### WORK INSTRUCTION
Below is a block of records. Copy every line in it that contains the word "linetype".

### RECORDS SUPPLIED
*** Begin section ***
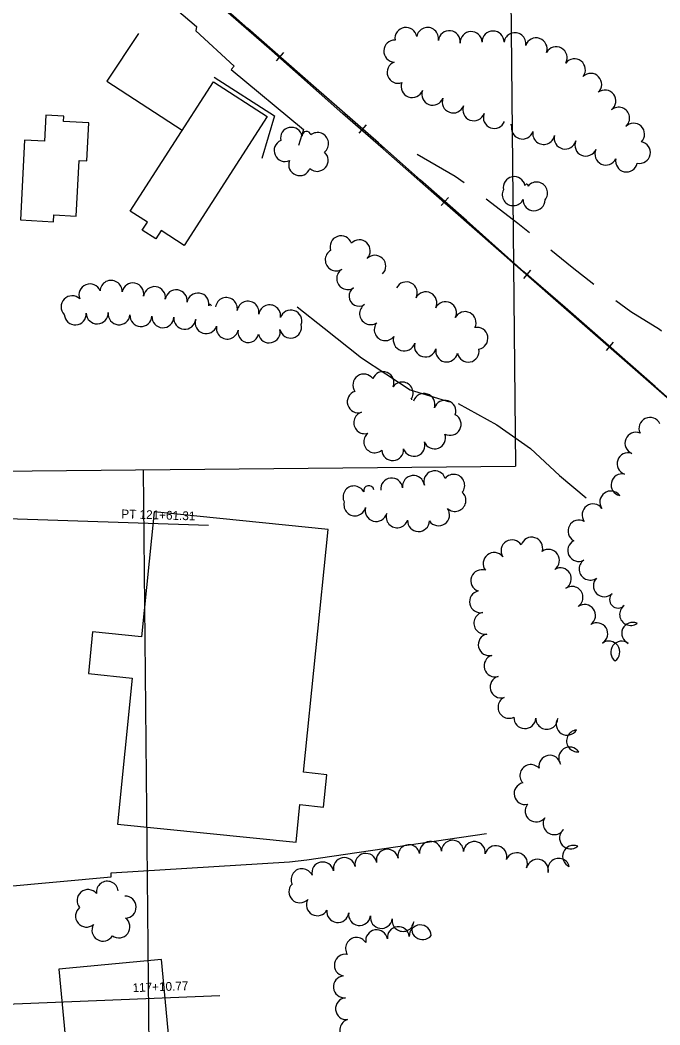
# Model space of a CAD drawing. Extents: x -25029 to 2274964, y -81170 to 687028.
# Drawn here: x -3935 to -3352, y -68032 to -67116 of the extents above; entities that cross this region are included whole.
import ezdxf

# ---------------------------------------------------------------- set-up
doc = ezdxf.new("R2010")
doc.units = 0
for name, color, linetype in [('BLDG', 7, 'Continuous'), ('Default', 7, 'Continuous'), ('DRIVWY', 7, 'Continuous'), ('RD_X_RR_1', 7, 'Continuous'), ('RR', 7, 'Continuous'), ('TREES', 7, 'Continuous'), ('WALL', 7, 'Continuous')]:
    doc.layers.add(name, color=color, linetype=linetype)

msp = doc.modelspace()

# ---------------------------------------------------------------- linework, layer by layer
at = {"layer": 'BLDG'}
for points in [[(-3710.3, -67204.07), (-3786, -67321.41), (-3806.95, -67307.9), (-3811.76, -67315.36), (-3824.04, -67307.44), (-3819.45, -67300.33), (-3835.17, -67290.19), (-3759.24, -67172.5)], [(-3905.01, -67299.85), (-3904.67, -67293.63), (-3884.3, -67294.72), (-3881.59, -67243.98), (-3874.52, -67244.36), (-3872.67, -67209.82), (-3895.96, -67208.57), (-3895.7, -67203.75), (-3911.85, -67202.88), (-3913.11, -67226.38), (-3931.26, -67225.41), (-3935.16, -67298.24)], [(-3683.93, -67865.26), (-3680.45, -67831.07), (-3658.95, -67833.25), (-3655.95, -67803.75), (-3677.34, -67801.58), (-3654.84, -67580.2), (-3813.11, -67564.12), (-3824.71, -67678.2), (-3869.31, -67673.67), (-3873.17, -67711.69), (-3833.21, -67715.75), (-3846.72, -67848.72)], [(-3856.97, -68100.09), (-3854.77, -68123.29), (-3834.57, -68121.38), (-3836.68, -68099.04), (-3794.95, -68095.09), (-3806.6, -67972.04), (-3899.99, -67980.88), (-3888.43, -68103.06)]]:
    msp.add_lwpolyline(points, close=True, dxfattribs=at)
at = {"layer": 'Default'}
for p, q in [((-3498.71, -66025.16), (-3484.02, -67522.6)), ((-4383.92, -67531.43), (-3484.02, -67522.6)), ((-3823.15, -67525.93), (-3813.45, -68514.64)), ((-4053.51, -67566.81), (-3763.85, -67576.44)), ((-4033.08, -68016.42), (-3753.55, -68005.06))]:
    msp.add_line(p, q, dxfattribs=at)
at = {"layer": 'DRIVWY'}
for points in [[(-3573.51, -67238.36), (-3538.86, -67258.18), (-3530.73, -67264.14)], [(-3510.65, -67279.04), (-3481.94, -67301.14), (-3471.22, -67309.78)], [(-3451.76, -67325.47), (-3432.45, -67341.11), (-3412.77, -67356.77)], [(-3392.72, -67371.68), (-3378.81, -67381.6), (-3352.85, -67397.87), (-3351.09, -67399.32)]]:
    msp.add_lwpolyline(points, dxfattribs=at)
at = {"layer": 'RD_X_RR_1'}
msp.add_lwpolyline([(-3338.49, -67466.69), (-3394.3, -67417.71), (-3449.6, -67369.51), (-3501.5, -67323.97), (-3560.76, -67272.02), (-3604.74, -67233.4), (-3641.21, -67201.63), (-3705.92, -67144.26), (-3766.77, -67090.93)], dxfattribs=at)
at = {"layer": 'RR'}
for p, q in [((-3695.37, -67145.65), (-3701.99, -67153.14)), ((-3620.24, -67211.6), (-3626.82, -67219.13)), ((-3545.16, -67277.69), (-3551.77, -67285.19)), ((-3470.34, -67343.95), (-3476.87, -67351.53)), ((-3394.94, -67409.73), (-3401.56, -67417.22))]:
    msp.add_line(p, q, dxfattribs=at)
msp.add_lwpolyline([(-3315.39, -67486.49), (-3356.83, -67450.14), (-3399.25, -67412.59), (-3438.66, -67377.86), (-3476.34, -67345.39), (-3528.75, -67298.8), (-3570.68, -67261.89), (-3608.97, -67228.08), (-3665.72, -67178.52), (-3727.78, -67123.68), (-3785.36, -67072.65)], dxfattribs=at)
at = {"layer": 'TREES'}
for centre, radius, start, end in [((-3583.86, -67132.75), 10, 9.29322, 189.29322), ((-3564.14, -67132.85), 10, 350.13406, 170.13406), ((-3544.37, -67135.79), 10, 352.95278, 172.95278), ((-3524.45, -67136.54), 10, 2.72567, 182.72567), ((-3504.46, -67136.06), 10, 0.00078, 180.00078), ((-3484.58, -67137.6), 10, 351.18296, 171.18296), ((-3594.11, -67144.36), 10, 87.82676, 267.82676), ((-3465.23, -67142.33), 10, 341.29702, 161.29702), ((-3447.01, -67150.39), 10, 330.9793, 150.9793), ((-3591.03, -67163.73), 10, 110.26741, 290.26741), ((-3430.35, -67161.35), 10, 322.38789, 142.38789), ((-3415.51, -67174.67), 10, 313.76908, 133.76908), ((-3578.2, -67176.64), 10, 159.35666, 339.35666), ((-3559.49, -67183.69), 10, 159.35666, 339.35666), ((-3402.54, -67189.85), 10, 307.24749, 127.24749), ((-3540.77, -67190.74), 10, 159.35666, 339.35666), ((-3522.06, -67197.79), 10, 159.35666, 339.35666), ((-3503.34, -67204.84), 10, 159.35666, 339.35666), ((-3390.06, -67205.48), 10, 309.94665, 129.94665), ((-3376.43, -67220.07), 10, 316.17336, 136.17336), ((-3688.16, -67223.88), 10, 11.38234, 191.38234), ((-3674.5, -67221.33), 3.9, 8.43662, 188.43662), ((-3664.42, -67228.59), 10, 308.46644, 128.46644), ((-3487.81, -67211.22), 0.644, 161.49384, 341.49384), ((-3477.68, -67214.51), 10, 162.03433, 342.03433), ((-3458.34, -67219.4), 10, 169.62353, 349.62353), ((-3693.97, -67235.02), 10, 113.56894, 293.56894), ((-3438.8, -67223.62), 10, 165.9901, 345.9901), ((-3419.91, -67230), 10, 156.69399, 336.69399), ((-3371.13, -67236.81), 10, 258.92439, 78.92439), ((-3664.77, -67243.95), 10, 228.88581, 48.88581), ((-3401.67, -67238.19), 10, 154.93813, 334.93813), ((-3680.66, -67247.83), 10, 158.58054, 338.58054), ((-3382.83, -67244.52), 10, 167.8786, 347.8786), ((-3485.18, -67268.71), 10, 11.33855, 191.33855), ((-3464.87, -67273.65), 10, 320.52268, 140.52268), ((-3486.07, -67275.2), 10, 153.15019, 333.15019), ((-3473.98, -67267.02), 1.42, 349.05215, 169.05215), ((-3467.15, -67279.86), 10, 179.16677, 359.16677), ((-3643.03, -67322.68), 10, 19.38781, 199.38781), ((-3626.42, -67326.33), 10, 315.8321, 135.8321), ((-3647.39, -67334.62), 10, 120.47028, 300.47028), ((-3612.19, -67340.38), 10, 314.91304, 134.91304), ((-3636.92, -67351.65), 10, 122.66671, 302.66671), ((-3871.79, -67366.57), 10, 21.43156, 201.43156), ((-3852.49, -67363.29), 10, 357.88244, 177.88244), ((-3832.69, -67365.61), 10, 348.75501, 168.75501), ((-3583.51, -67364.7), 10, 333.17101, 153.17101), ((-3812.99, -67369.01), 10, 351.67723, 171.67723), ((-3793.19, -67371.86), 10, 351.91104, 171.91104), ((-3773.41, -67374.81), 10, 351.10791, 171.10791), ((-3626.62, -67367.73), 9.1, 122.66671, 302.66671), ((-3565.67, -67373.73), 10, 333.17101, 153.17101), ((-3888.11, -67377.36), 10, 45.47328, 225.47328), ((-3762.34, -67376.55), 1.21, 351.00278, 171.00278), ((-3747.46, -67378.99), 10, 350.49467, 170.49467), ((-3727.74, -67382.3), 10, 350.49467, 170.49467), ((-3616.1, -67383.67), 10, 124.05608, 304.05608), ((-3547.82, -67382.76), 10, 333.17101, 153.17101), ((-3885.14, -67383.9), 10, 183.37279, 3.37279), ((-3865.17, -67383), 10, 181.78877, 1.78877), ((-3845.23, -67383.75), 10, 173.90466, 353.90466), ((-3708.01, -67385.6), 10, 350.49467, 170.49467), ((-3688.66, -67390.4), 10, 341.64973, 161.64973), ((-3529.97, -67391.78), 10, 333.17101, 153.17101), ((-3825.3, -67385.39), 10, 176.66211, 356.66211), ((-3805.33, -67386.42), 10, 177.41679, 357.41679), ((-3785.38, -67387.83), 10, 174.48697, 354.48697), ((-3765.91, -67391.84), 10, 162.2893, 342.2893), ((-3688.9, -67395.85), 10, 193.3196, 13.3196), ((-3602.72, -67398.23), 10, 141.15973, 321.15973), ((-3746.56, -67396.79), 10, 168.97134, 348.97134), ((-3727.47, -67400.51), 9.45, 168.97134, 348.97134), ((-3708.41, -67400.24), 10, 192.03052, 12.03052), ((-3519.18, -67406.12), 10, 280.76386, 100.76386), ((-3585.41, -67407.57), 10, 162.15216, 342.15216), ((-3566.2, -67413.11), 10, 165.67192, 345.67192), ((-3546.73, -67417.66), 10, 167.99323, 347.99323), ((-3527.13, -67417.84), 10, 190.94866, 10.94866), ((-3622.23, -67448.64), 10, 35.32689, 215.32689), ((-3604.78, -67446.55), 10, 338.35441, 158.35441), ((-3587.28, -67455.95), 10, 325.13226, 145.13226), ((-3627.33, -67463.94), 10, 107.85583, 287.85583), ((-3567.37, -67466.35), 10, 341.82744, 161.82744), ((-3578.82, -67461.85), 0.316, 324.75172, 144.75172), ((-3548.37, -67472.59), 10, 341.82744, 161.82744), ((-3621.4, -67483.04), 10, 106.59305, 286.59305), ((-3543.6, -67484.52), 10, 241.7542, 61.7542), ((-3361.51, -67488.19), 10, 25.22058, 205.22058), ((-3612.23, -67500.38), 10, 129.15451, 309.15451), ((-3557.7, -67496.82), 10, 200.43574, 20.43574), ((-3374.35, -67501.7), 10, 67.67211, 247.67211), ((-3576.52, -67503.6), 10, 199.2253, 19.2253), ((-3595.94, -67507.52), 10, 183.55071, 3.55071), ((-3381.47, -67520.38), 10, 70.64213, 250.64213), ((-3577.02, -67541.11), 10, 6.62517, 186.62517), ((-3557.59, -67536.85), 10, 18.11819, 198.11819), ((-3540.32, -67540.05), 10, 320.9002, 140.9002), ((-3386.94, -67539.58), 10, 77.54217, 257.54217), ((-3596.89, -67543.42), 10, 6.62517, 186.62517), ((-3631.19, -67550.66), 10, 27.68638, 207.68638), ((-3617.72, -67545.06), 4.71, 11.62643, 191.62643), ((-3539.22, -67553.81), 10, 228.24631, 48.24631), ((-3397.17, -67555.25), 10, 36.17429, 216.17429), ((-3630.37, -67557.84), 10, 165.31936, 345.31936), ((-3413.31, -67567.06), 10, 36.17361, 216.17361), ((-3611.05, -67563), 10, 164.73604, 344.73604), ((-3591.89, -67568.73), 10, 161.96141, 341.96141), ((-3554.14, -67566.91), 10, 214.33059, 34.33059), ((-3572.39, -67572.19), 10, 177.92541, 357.92541), ((-3426.17, -67581.74), 10, 61.37982, 241.37982), ((-3487.21, -67599.76), 10, 32.54208, 212.54208), ((-3469.23, -67597.32), 10, 342.87311, 162.87311), ((-3426.41, -67599.42), 10, 117.06701, 297.06701), ((-3503.5, -67611.32), 10, 38.20492, 218.20492), ((-3453.94, -67608.46), 10, 304.95263, 124.95263), ((-3416.01, -67616.43), 10, 125.81006, 305.81006), ((-3514.71, -67626.93), 10, 70.4143, 250.4143), ((-3443.16, -67625.29), 10, 300.31538, 120.31538), ((-3403.1, -67631.62), 10, 134.91264, 314.91264), ((-3515.88, -67646.11), 10, 102.60057, 282.60057), ((-3432.53, -67642.22), 10, 303.95029, 123.95029), ((-3390.57, -67644.2), 7.75, 134.91264, 314.91264), ((-3421.1, -67658.63), 10, 305.74484, 125.74484), ((-3379.16, -67657.73), 10, 126.40749, 306.40749), ((-3511.97, -67665.72), 10, 99.95521, 279.95521), ((-3410.03, -67675.27), 10, 301.57713, 121.57712), ((-3377.25, -67674.94), 10, 66.28197, 246.28197), ((-3507.92, -67685.29), 10, 103.45001, 283.45001), ((-3399.01, -67691.95), 10, 305.27514, 125.27514), ((-3387.26, -67692.1), 10, 53.24067, 233.24067), ((-3502.7, -67704.59), 10, 106.78803, 286.78803), ((-3497.15, -67723.8), 10, 105.47035, 285.47035), ((-3489.99, -67742.37), 10, 116.69643, 296.69643), ((-3475.5, -67751.79), 10, 177.25073, 357.25073), ((-3455.52, -67752.35), 10, 179.51351, 359.51351), ((-3437.03, -67757.73), 10, 148.04606, 328.04606), ((-3427.48, -67772.97), 10, 96.13152, 276.13152), ((-3452.74, -67796.05), 10, 10.59283, 190.59283), ((-3434.66, -67788.56), 10, 34.41679, 214.41679), ((-3470.01, -67804.57), 10, 41.91836, 221.91836), ((-3475.27, -67821.01), 10, 102.62187, 282.62187), ((-3465.18, -67836.89), 10, 142.21168, 322.21168), ((-3448.85, -67848.41), 10, 147.38459, 327.38459), ((-3433.88, -67861.36), 10, 130.92659, 310.92659), ((-3581.16, -67877.62), 10, 12.01677, 192.01677), ((-3561.43, -67874.47), 10, 6.13454, 186.13454), ((-3541.49, -67873.54), 10, 359.21409, 179.21409), ((-3521.55, -67874.73), 10, 353.97634, 173.97634), ((-3501.96, -67878.43), 10, 344.60084, 164.60084), ((-3431.17, -67878.15), 10, 67.42595, 247.42595), ((-3620.36, -67885.54), 10, 11.04692, 191.04692), ((-3600.74, -67881.67), 10, 11.30714, 191.30714), ((-3483.09, -67884.93), 10, 337.4031, 157.4031), ((-3659.6, -67893.33), 10, 11.76509, 191.76509), ((-3639.99, -67889.37), 10, 11.03445, 191.03445), ((-3464.06, -67890.78), 10, 348.43148, 168.43148), ((-3444.63, -67890.08), 10, 15.67693, 195.67693), ((-3678.53, -67899.42), 10, 23.93905, 203.93905), ((-3855.94, -67910.86), 10, 6.77234, 186.77234), ((-3680.51, -67910.47), 10, 135.68939, 315.68939), ((-3873.54, -67918.46), 10, 39.9433, 219.9433), ((-3839.69, -67924.44), 10, 271.38703, 91.38703), ((-3664.59, -67922.27), 10, 151.1903, 331.1903), ((-3874.89, -67932.64), 10, 129.13079, 309.13079), ((-3645.92, -67928.44), 10, 172.22583, 352.22583), ((-3626.11, -67931.15), 10, 172.22583, 352.22583), ((-3606.29, -67933.85), 10, 172.22583, 352.22583), ((-3859.96, -67945.46), 10, 149.59638, 329.59638), ((-3845.39, -67942.48), 10, 233.53114, 53.53114), ((-3590.73, -67952.24), 10, 6.41888, 186.41888), ((-3586.47, -67936.56), 10, 172.22215, 352.22215), ((-3570.81, -67950.68), 10, 2.53292, 182.53292), ((-3568.69, -67944.08), 10, 141.95829, 321.95829), ((-3628.83, -67962.12), 10, 32.34198, 212.34198), ((-3610.52, -67955.07), 10, 9.8372, 189.8372), ((-3639.09, -67977.31), 10, 79.52851, 259.52851), ((-3639.94, -67997.09), 10, 95.57058, 275.57058), ((-3638, -68017), 10, 95.57256, 275.57256), ((-3634.08, -68036.51), 10, 107.10289, 287.10289)]:
    msp.add_arc(centre, radius, start, end, dxfattribs=at)
at = {"layer": 'WALL'}
for points in [[(-3962.19, -66962.56), (-3920.45, -66996.74), (-3866.77, -67042.13), (-3815.06, -67087.45), (-3774.66, -67121.83), (-3775.24, -67125.76), (-3740.3, -67158.08), (-3743.06, -67161.22), (-3677.21, -67215.81), (-3681.77, -67230.31)], [(-3827.4, -67128.38), (-3856.32, -67171.89), (-3787.62, -67216.49)], [(-3758.46, -67168.24), (-3703.47, -67203.46), (-3715.03, -67242.08)], [(-3682.92, -67377.35), (-3658.24, -67396.71), (-3624.26, -67423.97), (-3579.98, -67453.11), (-3544.23, -67463.88)], [(-3536.24, -67465.4), (-3501.17, -67484.8), (-3470.39, -67506.57), (-3443.98, -67531.2), (-3419.73, -67551.32)], [(-4002.18, -67910.41), (-3852.47, -67896.83), (-3852.45, -67893.25), (-3689.84, -67883.24), (-3674.11, -67881.22), (-3510.52, -67857.25)]]:
    msp.add_lwpolyline(points, dxfattribs=at)

# ---------------------------------------------------------------- texts
at = {"layer": 'Default'}
for s, height, rotation, p in [('PT 121+61.31', 7.9999, 358.26393, (-3843.3, -67570.02)), ('117+10.77', 8, 2.18862, (-3832.78, -68001.96))]:
    msp.add_text(s, height=height, rotation=rotation, dxfattribs=at).set_placement(p)

doc.saveas('drawing.dxf')
*** End section ***
### EXERCISE RESULT
for name, color, linetype in [('BLDG', 7, 'Continuous'), ('Default', 7, 'Continuous'), ('DRIVWY', 7, 'Continuous'), ('RD_X_RR_1', 7, 'Continuous'), ('RR', 7, 'Continuous'), ('TREES', 7, 'Continuous'), ('WALL', 7, 'Continuous')]:
    doc.layers.add(name, color=color, linetype=linetype)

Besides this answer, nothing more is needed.